While Austrian-born California governor Arnold Schwarzenegger has been grappling with the California Public Employees’ Retirement System (CalPERS), in the land of his birth the Austrian government was having considerably more success trying to bring its own public service pensions arrangements into line with those of the rest of society.
“It was one of the major political issues in the reform of the first pillar,” says Christian Böhm, chairman of the Association of Austrian Occupational Pensionfunds. “It was one of the questions that was most addressed by the political parties. And we expect that a new system negotiated with the civil servants’ trade union will be passed into law so that from 2006, in addition to their first pillar pension, civil servants will join an occupational pension fund for state officials.”
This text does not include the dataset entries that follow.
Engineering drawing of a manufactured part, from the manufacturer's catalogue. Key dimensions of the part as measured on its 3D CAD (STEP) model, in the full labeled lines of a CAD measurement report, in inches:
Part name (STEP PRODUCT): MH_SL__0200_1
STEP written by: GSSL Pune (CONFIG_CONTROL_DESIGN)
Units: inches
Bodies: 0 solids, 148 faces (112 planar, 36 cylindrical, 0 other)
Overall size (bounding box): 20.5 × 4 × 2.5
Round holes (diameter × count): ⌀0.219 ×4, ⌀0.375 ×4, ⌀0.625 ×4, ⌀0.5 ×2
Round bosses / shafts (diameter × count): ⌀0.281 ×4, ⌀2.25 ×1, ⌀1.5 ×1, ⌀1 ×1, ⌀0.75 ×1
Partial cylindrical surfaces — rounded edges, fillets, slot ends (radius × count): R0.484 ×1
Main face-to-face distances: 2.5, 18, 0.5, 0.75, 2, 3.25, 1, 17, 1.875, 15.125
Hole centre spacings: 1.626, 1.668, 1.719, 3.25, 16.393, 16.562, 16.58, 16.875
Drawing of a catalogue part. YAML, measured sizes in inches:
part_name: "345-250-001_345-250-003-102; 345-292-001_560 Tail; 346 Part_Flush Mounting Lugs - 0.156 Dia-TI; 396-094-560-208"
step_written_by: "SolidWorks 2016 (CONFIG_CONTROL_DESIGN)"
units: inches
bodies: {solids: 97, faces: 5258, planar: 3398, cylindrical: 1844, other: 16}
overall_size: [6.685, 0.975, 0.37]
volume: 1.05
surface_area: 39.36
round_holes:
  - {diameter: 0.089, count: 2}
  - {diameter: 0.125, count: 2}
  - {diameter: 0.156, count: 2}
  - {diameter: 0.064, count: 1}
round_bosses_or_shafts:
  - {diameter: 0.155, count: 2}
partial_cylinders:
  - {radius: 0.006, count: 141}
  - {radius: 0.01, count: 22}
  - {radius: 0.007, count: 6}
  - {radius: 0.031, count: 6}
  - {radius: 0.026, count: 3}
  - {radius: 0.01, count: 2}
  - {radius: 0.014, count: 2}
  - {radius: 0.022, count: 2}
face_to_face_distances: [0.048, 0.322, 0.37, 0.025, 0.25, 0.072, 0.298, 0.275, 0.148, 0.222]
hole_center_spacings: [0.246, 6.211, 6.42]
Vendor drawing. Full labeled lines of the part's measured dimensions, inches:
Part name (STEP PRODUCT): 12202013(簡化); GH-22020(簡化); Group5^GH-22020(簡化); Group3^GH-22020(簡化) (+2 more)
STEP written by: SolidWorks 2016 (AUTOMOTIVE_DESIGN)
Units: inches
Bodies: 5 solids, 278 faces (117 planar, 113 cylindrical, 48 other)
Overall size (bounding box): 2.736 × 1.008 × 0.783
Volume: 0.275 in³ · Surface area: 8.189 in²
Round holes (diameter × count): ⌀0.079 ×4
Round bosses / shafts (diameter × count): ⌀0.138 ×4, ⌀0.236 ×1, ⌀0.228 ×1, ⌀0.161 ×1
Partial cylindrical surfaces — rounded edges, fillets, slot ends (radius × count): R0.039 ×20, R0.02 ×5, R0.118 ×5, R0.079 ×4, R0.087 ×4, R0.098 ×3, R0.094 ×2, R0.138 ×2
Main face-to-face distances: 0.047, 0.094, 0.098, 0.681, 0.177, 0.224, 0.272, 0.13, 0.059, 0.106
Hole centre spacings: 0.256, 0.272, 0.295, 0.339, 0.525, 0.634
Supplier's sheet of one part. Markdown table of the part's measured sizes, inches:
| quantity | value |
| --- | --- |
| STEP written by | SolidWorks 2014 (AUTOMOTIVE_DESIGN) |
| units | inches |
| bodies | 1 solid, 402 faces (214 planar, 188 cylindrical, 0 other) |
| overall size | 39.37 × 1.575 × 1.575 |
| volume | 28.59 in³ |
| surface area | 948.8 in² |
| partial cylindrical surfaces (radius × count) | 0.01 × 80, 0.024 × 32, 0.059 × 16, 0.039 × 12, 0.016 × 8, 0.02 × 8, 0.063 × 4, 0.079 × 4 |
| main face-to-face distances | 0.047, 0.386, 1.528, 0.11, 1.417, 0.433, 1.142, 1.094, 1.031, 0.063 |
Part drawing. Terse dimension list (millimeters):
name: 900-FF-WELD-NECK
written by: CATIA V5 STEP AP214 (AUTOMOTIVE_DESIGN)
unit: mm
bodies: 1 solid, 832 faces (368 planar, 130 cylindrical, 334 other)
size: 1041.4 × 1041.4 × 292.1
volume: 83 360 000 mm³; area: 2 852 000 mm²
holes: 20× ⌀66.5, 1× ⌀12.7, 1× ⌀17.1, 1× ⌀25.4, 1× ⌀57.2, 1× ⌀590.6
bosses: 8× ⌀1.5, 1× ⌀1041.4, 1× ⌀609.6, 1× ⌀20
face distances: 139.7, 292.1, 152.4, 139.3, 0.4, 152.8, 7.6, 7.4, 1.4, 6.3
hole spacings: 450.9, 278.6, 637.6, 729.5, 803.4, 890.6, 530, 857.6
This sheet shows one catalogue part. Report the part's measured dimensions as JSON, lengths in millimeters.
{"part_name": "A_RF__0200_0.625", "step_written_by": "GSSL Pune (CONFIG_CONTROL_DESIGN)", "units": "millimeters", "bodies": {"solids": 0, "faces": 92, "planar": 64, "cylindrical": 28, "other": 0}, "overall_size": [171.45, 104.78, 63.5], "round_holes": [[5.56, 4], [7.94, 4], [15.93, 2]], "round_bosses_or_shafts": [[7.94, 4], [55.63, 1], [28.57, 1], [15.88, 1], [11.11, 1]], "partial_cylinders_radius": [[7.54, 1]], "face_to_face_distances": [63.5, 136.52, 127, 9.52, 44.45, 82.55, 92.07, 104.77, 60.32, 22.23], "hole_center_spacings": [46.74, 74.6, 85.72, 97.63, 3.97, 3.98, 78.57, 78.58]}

“The public sector arrangements were very generous and step-by-step they will be brought into line with the normal state scheme,” says Josef Woss of the Arbeiterkammer, which represents the interests of trade unions. “To make that acceptable to the civil servants the government agreed to accept some form of funded ‘company’ scheme on top of the new scheme.”
This, says Böhn, will be a positive development that at a stroke will double the size of the funded element in Austria’s pension system. “Currently there are about 450,000 people in funded systems, growing by about 10% a year,” he says. “And if this law is passed it will add an additional 400,000 persons. So funded systems will then cover a third or so of the working population.”
That in turn will have a trickle-down effect on the rest of society, he adds. “It will provide motivation,” says Bohm. “People will be aware that the system has changed for government officials.”
More recently the paper sector has agreed to establish an industry-wide occupational pension scheme governed by a collective agreement.
So, at first glance it would appear that Austria’s second pillar pensions system is in rude health. However, such an appearance would be deceptive.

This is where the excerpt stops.